Elijah Nance. He is hit in the heel as he quits his boat and hit again in the
belly as he reaches the sand. By the end of ten minutes every sergeant is
either dead or wounded. To the eyes of some survivors, this clean sweep
suggests that the Germans have spotted all the leaders and concentrated fire on
them. Among the men who are still moving in with the tide, rifles, packs and helmets
have already been cast away in the interests of survival. To the right of where
Tidrick's boat is adrift (it’s coxswain lying dead next to the shell-shattered
wheel), the seventh landing craft noses toward the beach. It carries a medical
section of one officer and sixteen men. The ramp is dropped. In that moment,
two machine guns concentrate their fire on the opening. Not a man is given time
to jump; all aboard are cut down where they stand. By the end of fifteen
minutes, Able Company still has not fired a weapon. No one gives any orders.
The few able-bodied survivors move or not, as they see fit. Merely to stay alive is a full-time job. Yet a few men are remembered for their valor.
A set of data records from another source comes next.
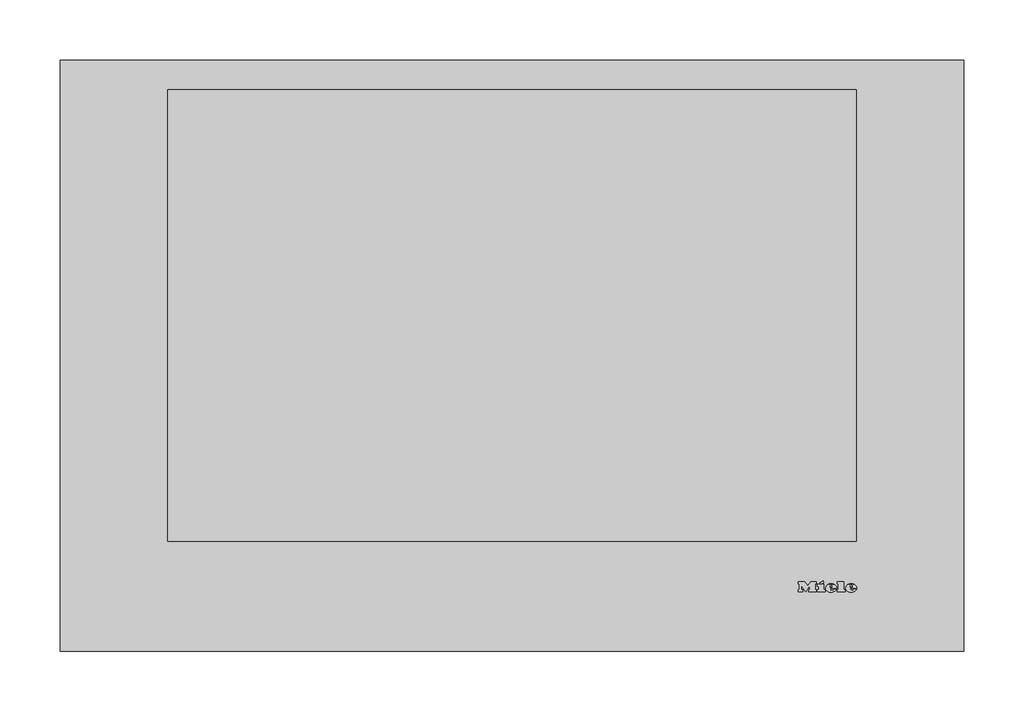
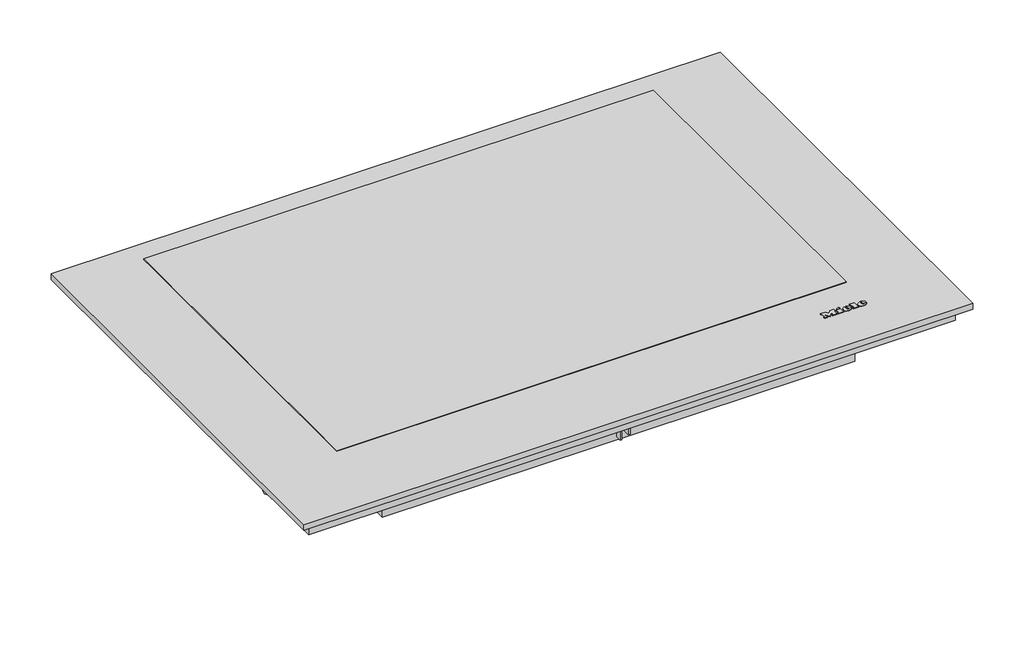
# Not in any storey: 1 proxy.
"""IFC4 building model written with IfcOpenShell, lengths in millimetres."""

from ifc_helpers import new_model, si_unit, origin, place, context, project, spatial, transform, mapped, element, save
from components import specialty_equipment_da10772c

model = new_model("IFC4")

# Units and contexts
model_context = context("Model", 3, world=origin())
ifc_project = project(units=[si_unit("LENGTHUNIT", "METRE", prefix="MILLI")], contexts=[model_context])

# Site, building
site = spatial("IfcSite", under=ifc_project)
building = spatial("IfcBuilding", under=site)

# Proxy
placement = place(None, origin())
specialty_equipment_shape = specialty_equipment_da10772c(model_context)
element("IfcBuildingElementProxy", 1, Name="11153560_CH_KM7617FX : 26761760_CH_11153560_KM7617FX", ObjectType="11153560_CH_KM7617FX : 26761760_CH_11153560_KM7617FX", at=placement, inside=building, context=model_context, shape_type="MappedRepresentation", body=[
    mapped(specialty_equipment_shape, transform((0.0, 0.0, 0.0), x_axis=(1.0, 0.0, 0.0), y_axis=(0.0, 1.0, 0.0), z_axis=(0.0, 0.0, 1.0))),
])

save(model, "model.ifc")

The first-aid man, Thomas Breedin, stands out among all
others in Able Company. Reaching the sands, he strips off pack, blouse, helmet
and boots. For a moment he stands there, so that others on the beach will see what
he's about to do and follow suit. Then he crawls back into the water to pull in
wounded men before they can be drowned by the tide. The deeper water is still
spotted with "tide walkers" advancing at the same slow rate as the
rising water. But now, moved by Breedin's example, the stronger among them risk
making themselves more conspicuous targets—they pick up fallen comrades and
float them to the shore, pulling them and their life vests like a raft.
Machine-gun fire is raking the water. Burst after burst wrecks the rescue attempts,
shooting the floating soldier from the hands of the walker, or killing both of
them. But Breedin, for this hour, leads a charmed life and stays with his work
indomitably. By the end of half an hour, approximately two thirds of the
company is gone forever. There are no precise casualty figures for this first
half hour or for the first day. Whether more Able Company riflemen died from
enemy fire than from water was never ascertained.
By the end of the first hour, a number of survivors have
crawled across the sand to the foot of the bluff, into a narrow sanctuary out
of the line of fire. There they lie all day, some wounded, all exhausted and
unarmed, too shocked even to talk to one another. No one happens by to offer
water or succor. D-Day at Omaha Beach provides neither time nor space for such
missions—every landing group is overwhelmed by its own assault problems. By the
end of one hour and forty-five minutes, six survivors from the boat section on the
extreme right have worked their way to a shelf some yards up the face of the
cliff. Four fall, exhausted from the short climb. They stay there through the
day, seeing no one else from their company. The other two, Pvts. Jake Shefer
and Thomas Lovejoy, join a group from the 2d Ranger Battalion, which is
attacking Pointe du Hoe to the right of the company sector, and fight with the
Rangers throughout the day. Two men, two rifles— the sum total of Able
Company's firepower on D-Day. Baker Company is scheduled to land twenty-six
minutes after Able, on the same sector, to bring support and reinforcement. A full
load of trouble on the way in destroys the schedule.